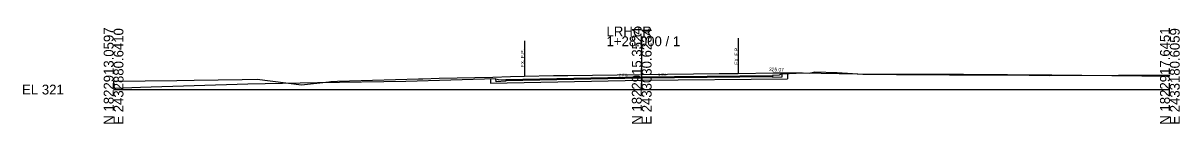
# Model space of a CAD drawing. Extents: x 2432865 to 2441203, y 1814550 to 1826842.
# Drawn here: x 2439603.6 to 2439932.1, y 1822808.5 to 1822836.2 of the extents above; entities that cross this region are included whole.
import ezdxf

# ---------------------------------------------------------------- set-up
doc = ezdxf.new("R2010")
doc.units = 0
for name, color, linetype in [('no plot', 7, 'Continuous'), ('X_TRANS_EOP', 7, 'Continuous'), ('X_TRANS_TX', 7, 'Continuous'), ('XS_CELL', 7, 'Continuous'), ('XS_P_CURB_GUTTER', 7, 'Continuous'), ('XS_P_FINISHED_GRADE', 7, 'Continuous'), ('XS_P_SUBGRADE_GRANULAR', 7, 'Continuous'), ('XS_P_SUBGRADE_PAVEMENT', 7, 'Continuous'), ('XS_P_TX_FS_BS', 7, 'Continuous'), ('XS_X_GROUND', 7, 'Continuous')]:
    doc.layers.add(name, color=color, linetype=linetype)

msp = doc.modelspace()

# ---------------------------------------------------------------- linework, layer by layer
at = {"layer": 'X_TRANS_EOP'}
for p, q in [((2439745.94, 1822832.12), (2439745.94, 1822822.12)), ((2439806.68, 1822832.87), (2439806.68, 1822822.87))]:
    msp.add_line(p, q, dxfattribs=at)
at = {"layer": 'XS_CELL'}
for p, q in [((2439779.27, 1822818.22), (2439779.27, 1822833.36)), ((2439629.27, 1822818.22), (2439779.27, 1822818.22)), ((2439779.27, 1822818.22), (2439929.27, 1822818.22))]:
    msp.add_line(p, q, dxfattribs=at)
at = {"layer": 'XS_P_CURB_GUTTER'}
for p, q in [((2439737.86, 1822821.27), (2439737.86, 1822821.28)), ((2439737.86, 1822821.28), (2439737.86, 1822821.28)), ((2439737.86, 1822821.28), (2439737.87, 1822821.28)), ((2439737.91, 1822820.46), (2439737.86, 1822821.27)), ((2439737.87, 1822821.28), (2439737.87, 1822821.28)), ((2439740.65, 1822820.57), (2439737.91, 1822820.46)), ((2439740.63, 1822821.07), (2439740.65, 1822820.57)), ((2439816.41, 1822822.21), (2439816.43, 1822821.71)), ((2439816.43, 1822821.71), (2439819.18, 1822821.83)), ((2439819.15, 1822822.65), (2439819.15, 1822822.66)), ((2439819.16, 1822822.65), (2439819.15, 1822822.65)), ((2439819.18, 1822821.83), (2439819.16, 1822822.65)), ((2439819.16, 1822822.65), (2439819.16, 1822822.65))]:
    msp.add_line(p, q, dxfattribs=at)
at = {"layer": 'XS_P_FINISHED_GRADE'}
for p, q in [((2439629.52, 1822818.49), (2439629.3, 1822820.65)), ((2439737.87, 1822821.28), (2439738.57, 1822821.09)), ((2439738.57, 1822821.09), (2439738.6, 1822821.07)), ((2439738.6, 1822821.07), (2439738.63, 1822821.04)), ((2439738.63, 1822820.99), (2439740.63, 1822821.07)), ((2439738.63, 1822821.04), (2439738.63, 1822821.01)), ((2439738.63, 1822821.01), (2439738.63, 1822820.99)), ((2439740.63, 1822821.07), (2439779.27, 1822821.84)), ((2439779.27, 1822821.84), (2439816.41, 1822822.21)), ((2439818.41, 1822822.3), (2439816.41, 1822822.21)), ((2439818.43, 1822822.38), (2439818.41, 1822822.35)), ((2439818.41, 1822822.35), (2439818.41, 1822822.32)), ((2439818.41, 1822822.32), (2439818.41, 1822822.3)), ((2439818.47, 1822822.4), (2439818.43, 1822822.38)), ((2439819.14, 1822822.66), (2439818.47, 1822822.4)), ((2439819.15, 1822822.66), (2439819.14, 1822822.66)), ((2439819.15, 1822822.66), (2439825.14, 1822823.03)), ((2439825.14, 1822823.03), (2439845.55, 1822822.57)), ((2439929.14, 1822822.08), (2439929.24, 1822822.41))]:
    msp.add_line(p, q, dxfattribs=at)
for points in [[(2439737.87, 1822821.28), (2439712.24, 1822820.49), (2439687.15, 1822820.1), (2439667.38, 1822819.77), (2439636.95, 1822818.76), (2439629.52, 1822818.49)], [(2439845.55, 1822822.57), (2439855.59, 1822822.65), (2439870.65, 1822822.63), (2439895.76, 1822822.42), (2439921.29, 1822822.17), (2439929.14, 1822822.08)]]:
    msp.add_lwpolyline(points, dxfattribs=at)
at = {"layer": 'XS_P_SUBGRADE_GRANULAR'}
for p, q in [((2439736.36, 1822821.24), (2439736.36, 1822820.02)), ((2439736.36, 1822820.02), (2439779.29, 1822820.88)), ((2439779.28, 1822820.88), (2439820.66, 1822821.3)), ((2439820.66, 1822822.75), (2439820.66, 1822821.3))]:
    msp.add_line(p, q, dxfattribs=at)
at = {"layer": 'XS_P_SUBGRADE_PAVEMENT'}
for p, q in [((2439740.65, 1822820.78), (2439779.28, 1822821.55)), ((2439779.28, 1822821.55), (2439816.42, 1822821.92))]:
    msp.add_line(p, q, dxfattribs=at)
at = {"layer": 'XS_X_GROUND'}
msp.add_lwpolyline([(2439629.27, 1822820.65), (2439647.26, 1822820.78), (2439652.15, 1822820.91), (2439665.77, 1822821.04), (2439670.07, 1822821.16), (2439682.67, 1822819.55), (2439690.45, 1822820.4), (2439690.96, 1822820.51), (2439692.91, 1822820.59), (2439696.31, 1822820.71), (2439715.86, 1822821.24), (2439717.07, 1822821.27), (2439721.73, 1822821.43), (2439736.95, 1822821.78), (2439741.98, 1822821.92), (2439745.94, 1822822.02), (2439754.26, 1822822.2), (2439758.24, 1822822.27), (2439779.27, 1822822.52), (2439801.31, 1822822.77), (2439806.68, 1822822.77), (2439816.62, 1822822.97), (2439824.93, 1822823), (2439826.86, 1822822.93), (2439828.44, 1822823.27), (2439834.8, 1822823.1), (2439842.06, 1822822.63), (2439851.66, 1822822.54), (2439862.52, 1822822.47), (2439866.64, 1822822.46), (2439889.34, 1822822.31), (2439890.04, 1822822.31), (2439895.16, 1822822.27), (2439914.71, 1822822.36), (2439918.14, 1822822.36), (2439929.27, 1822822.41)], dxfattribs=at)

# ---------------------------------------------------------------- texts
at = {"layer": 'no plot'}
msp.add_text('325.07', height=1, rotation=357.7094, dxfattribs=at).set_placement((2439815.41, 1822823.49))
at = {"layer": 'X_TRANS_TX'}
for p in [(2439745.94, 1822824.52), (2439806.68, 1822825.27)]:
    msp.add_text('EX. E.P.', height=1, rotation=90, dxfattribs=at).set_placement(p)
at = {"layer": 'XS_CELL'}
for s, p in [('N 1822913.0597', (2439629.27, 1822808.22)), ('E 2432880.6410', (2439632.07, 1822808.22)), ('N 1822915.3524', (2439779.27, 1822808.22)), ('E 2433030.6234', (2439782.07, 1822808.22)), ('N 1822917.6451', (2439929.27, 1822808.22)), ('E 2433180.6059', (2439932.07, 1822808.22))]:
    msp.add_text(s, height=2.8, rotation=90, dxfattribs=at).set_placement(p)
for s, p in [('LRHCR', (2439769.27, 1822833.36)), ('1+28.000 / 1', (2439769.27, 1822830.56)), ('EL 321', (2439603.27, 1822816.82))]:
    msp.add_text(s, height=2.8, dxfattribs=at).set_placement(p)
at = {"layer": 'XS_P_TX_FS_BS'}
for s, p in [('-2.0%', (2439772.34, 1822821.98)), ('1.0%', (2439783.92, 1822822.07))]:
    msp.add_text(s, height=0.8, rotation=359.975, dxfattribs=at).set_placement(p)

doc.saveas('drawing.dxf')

◇ ◇ ◇ ◇

Return the records above exactly as written, but without any of the pictures.

# Model space of a CAD drawing. Extents: x 2432865 to 2441203, y 1814550 to 1826842.
# Drawn here: x 2439603.6 to 2439932.1, y 1822808.5 to 1822836.2 of the extents above; entities that cross this region are included whole.
import ezdxf

# ---------------------------------------------------------------- set-up
doc = ezdxf.new("R2010")
doc.units = 0
for name, color, linetype in [('no plot', 7, 'Continuous'), ('X_TRANS_EOP', 7, 'Continuous'), ('X_TRANS_TX', 7, 'Continuous'), ('XS_CELL', 7, 'Continuous'), ('XS_P_CURB_GUTTER', 7, 'Continuous'), ('XS_P_FINISHED_GRADE', 7, 'Continuous'), ('XS_P_SUBGRADE_GRANULAR', 7, 'Continuous'), ('XS_P_SUBGRADE_PAVEMENT', 7, 'Continuous'), ('XS_P_TX_FS_BS', 7, 'Continuous'), ('XS_X_GROUND', 7, 'Continuous')]:
    doc.layers.add(name, color=color, linetype=linetype)

msp = doc.modelspace()

# ---------------------------------------------------------------- linework, layer by layer
at = {"layer": 'X_TRANS_EOP'}
for p, q in [((2439745.94, 1822832.12), (2439745.94, 1822822.12)), ((2439806.68, 1822832.87), (2439806.68, 1822822.87))]:
    msp.add_line(p, q, dxfattribs=at)
at = {"layer": 'XS_CELL'}
for p, q in [((2439779.27, 1822818.22), (2439779.27, 1822833.36)), ((2439629.27, 1822818.22), (2439779.27, 1822818.22)), ((2439779.27, 1822818.22), (2439929.27, 1822818.22))]:
    msp.add_line(p, q, dxfattribs=at)
at = {"layer": 'XS_P_CURB_GUTTER'}
for p, q in [((2439737.86, 1822821.27), (2439737.86, 1822821.28)), ((2439737.86, 1822821.28), (2439737.86, 1822821.28)), ((2439737.86, 1822821.28), (2439737.87, 1822821.28)), ((2439737.91, 1822820.46), (2439737.86, 1822821.27)), ((2439737.87, 1822821.28), (2439737.87, 1822821.28)), ((2439740.65, 1822820.57), (2439737.91, 1822820.46)), ((2439740.63, 1822821.07), (2439740.65, 1822820.57)), ((2439816.41, 1822822.21), (2439816.43, 1822821.71)), ((2439816.43, 1822821.71), (2439819.18, 1822821.83)), ((2439819.15, 1822822.65), (2439819.15, 1822822.66)), ((2439819.16, 1822822.65), (2439819.15, 1822822.65)), ((2439819.18, 1822821.83), (2439819.16, 1822822.65)), ((2439819.16, 1822822.65), (2439819.16, 1822822.65))]:
    msp.add_line(p, q, dxfattribs=at)
at = {"layer": 'XS_P_FINISHED_GRADE'}
for p, q in [((2439629.52, 1822818.49), (2439629.3, 1822820.65)), ((2439737.87, 1822821.28), (2439738.57, 1822821.09)), ((2439738.57, 1822821.09), (2439738.6, 1822821.07)), ((2439738.6, 1822821.07), (2439738.63, 1822821.04)), ((2439738.63, 1822820.99), (2439740.63, 1822821.07)), ((2439738.63, 1822821.04), (2439738.63, 1822821.01)), ((2439738.63, 1822821.01), (2439738.63, 1822820.99)), ((2439740.63, 1822821.07), (2439779.27, 1822821.84)), ((2439779.27, 1822821.84), (2439816.41, 1822822.21)), ((2439818.41, 1822822.3), (2439816.41, 1822822.21)), ((2439818.43, 1822822.38), (2439818.41, 1822822.35)), ((2439818.41, 1822822.35), (2439818.41, 1822822.32)), ((2439818.41, 1822822.32), (2439818.41, 1822822.3)), ((2439818.47, 1822822.4), (2439818.43, 1822822.38)), ((2439819.14, 1822822.66), (2439818.47, 1822822.4)), ((2439819.15, 1822822.66), (2439819.14, 1822822.66)), ((2439819.15, 1822822.66), (2439825.14, 1822823.03)), ((2439825.14, 1822823.03), (2439845.55, 1822822.57)), ((2439929.14, 1822822.08), (2439929.24, 1822822.41))]:
    msp.add_line(p, q, dxfattribs=at)
for points in [[(2439737.87, 1822821.28), (2439712.24, 1822820.49), (2439687.15, 1822820.1), (2439667.38, 1822819.77), (2439636.95, 1822818.76), (2439629.52, 1822818.49)], [(2439845.55, 1822822.57), (2439855.59, 1822822.65), (2439870.65, 1822822.63), (2439895.76, 1822822.42), (2439921.29, 1822822.17), (2439929.14, 1822822.08)]]:
    msp.add_lwpolyline(points, dxfattribs=at)
at = {"layer": 'XS_P_SUBGRADE_GRANULAR'}
for p, q in [((2439736.36, 1822821.24), (2439736.36, 1822820.02)), ((2439736.36, 1822820.02), (2439779.29, 1822820.88)), ((2439779.28, 1822820.88), (2439820.66, 1822821.3)), ((2439820.66, 1822822.75), (2439820.66, 1822821.3))]:
    msp.add_line(p, q, dxfattribs=at)
at = {"layer": 'XS_P_SUBGRADE_PAVEMENT'}
for p, q in [((2439740.65, 1822820.78), (2439779.28, 1822821.55)), ((2439779.28, 1822821.55), (2439816.42, 1822821.92))]:
    msp.add_line(p, q, dxfattribs=at)
at = {"layer": 'XS_X_GROUND'}
msp.add_lwpolyline([(2439629.27, 1822820.65), (2439647.26, 1822820.78), (2439652.15, 1822820.91), (2439665.77, 1822821.04), (2439670.07, 1822821.16), (2439682.67, 1822819.55), (2439690.45, 1822820.4), (2439690.96, 1822820.51), (2439692.91, 1822820.59), (2439696.31, 1822820.71), (2439715.86, 1822821.24), (2439717.07, 1822821.27), (2439721.73, 1822821.43), (2439736.95, 1822821.78), (2439741.98, 1822821.92), (2439745.94, 1822822.02), (2439754.26, 1822822.2), (2439758.24, 1822822.27), (2439779.27, 1822822.52), (2439801.31, 1822822.77), (2439806.68, 1822822.77), (2439816.62, 1822822.97), (2439824.93, 1822823), (2439826.86, 1822822.93), (2439828.44, 1822823.27), (2439834.8, 1822823.1), (2439842.06, 1822822.63), (2439851.66, 1822822.54), (2439862.52, 1822822.47), (2439866.64, 1822822.46), (2439889.34, 1822822.31), (2439890.04, 1822822.31), (2439895.16, 1822822.27), (2439914.71, 1822822.36), (2439918.14, 1822822.36), (2439929.27, 1822822.41)], dxfattribs=at)

# ---------------------------------------------------------------- texts
at = {"layer": 'no plot'}
msp.add_text('325.07', height=1, rotation=357.7094, dxfattribs=at).set_placement((2439815.41, 1822823.49))
at = {"layer": 'X_TRANS_TX'}
for p in [(2439745.94, 1822824.52), (2439806.68, 1822825.27)]:
    msp.add_text('EX. E.P.', height=1, rotation=90, dxfattribs=at).set_placement(p)
at = {"layer": 'XS_CELL'}
for s, p in [('N 1822913.0597', (2439629.27, 1822808.22)), ('E 2432880.6410', (2439632.07, 1822808.22)), ('N 1822915.3524', (2439779.27, 1822808.22)), ('E 2433030.6234', (2439782.07, 1822808.22)), ('N 1822917.6451', (2439929.27, 1822808.22)), ('E 2433180.6059', (2439932.07, 1822808.22))]:
    msp.add_text(s, height=2.8, rotation=90, dxfattribs=at).set_placement(p)
for s, p in [('LRHCR', (2439769.27, 1822833.36)), ('1+28.000 / 1', (2439769.27, 1822830.56)), ('EL 321', (2439603.27, 1822816.82))]:
    msp.add_text(s, height=2.8, dxfattribs=at).set_placement(p)
at = {"layer": 'XS_P_TX_FS_BS'}
for s, p in [('-2.0%', (2439772.34, 1822821.98)), ('1.0%', (2439783.92, 1822822.07))]:
    msp.add_text(s, height=0.8, rotation=359.975, dxfattribs=at).set_placement(p)

doc.saveas('drawing.dxf')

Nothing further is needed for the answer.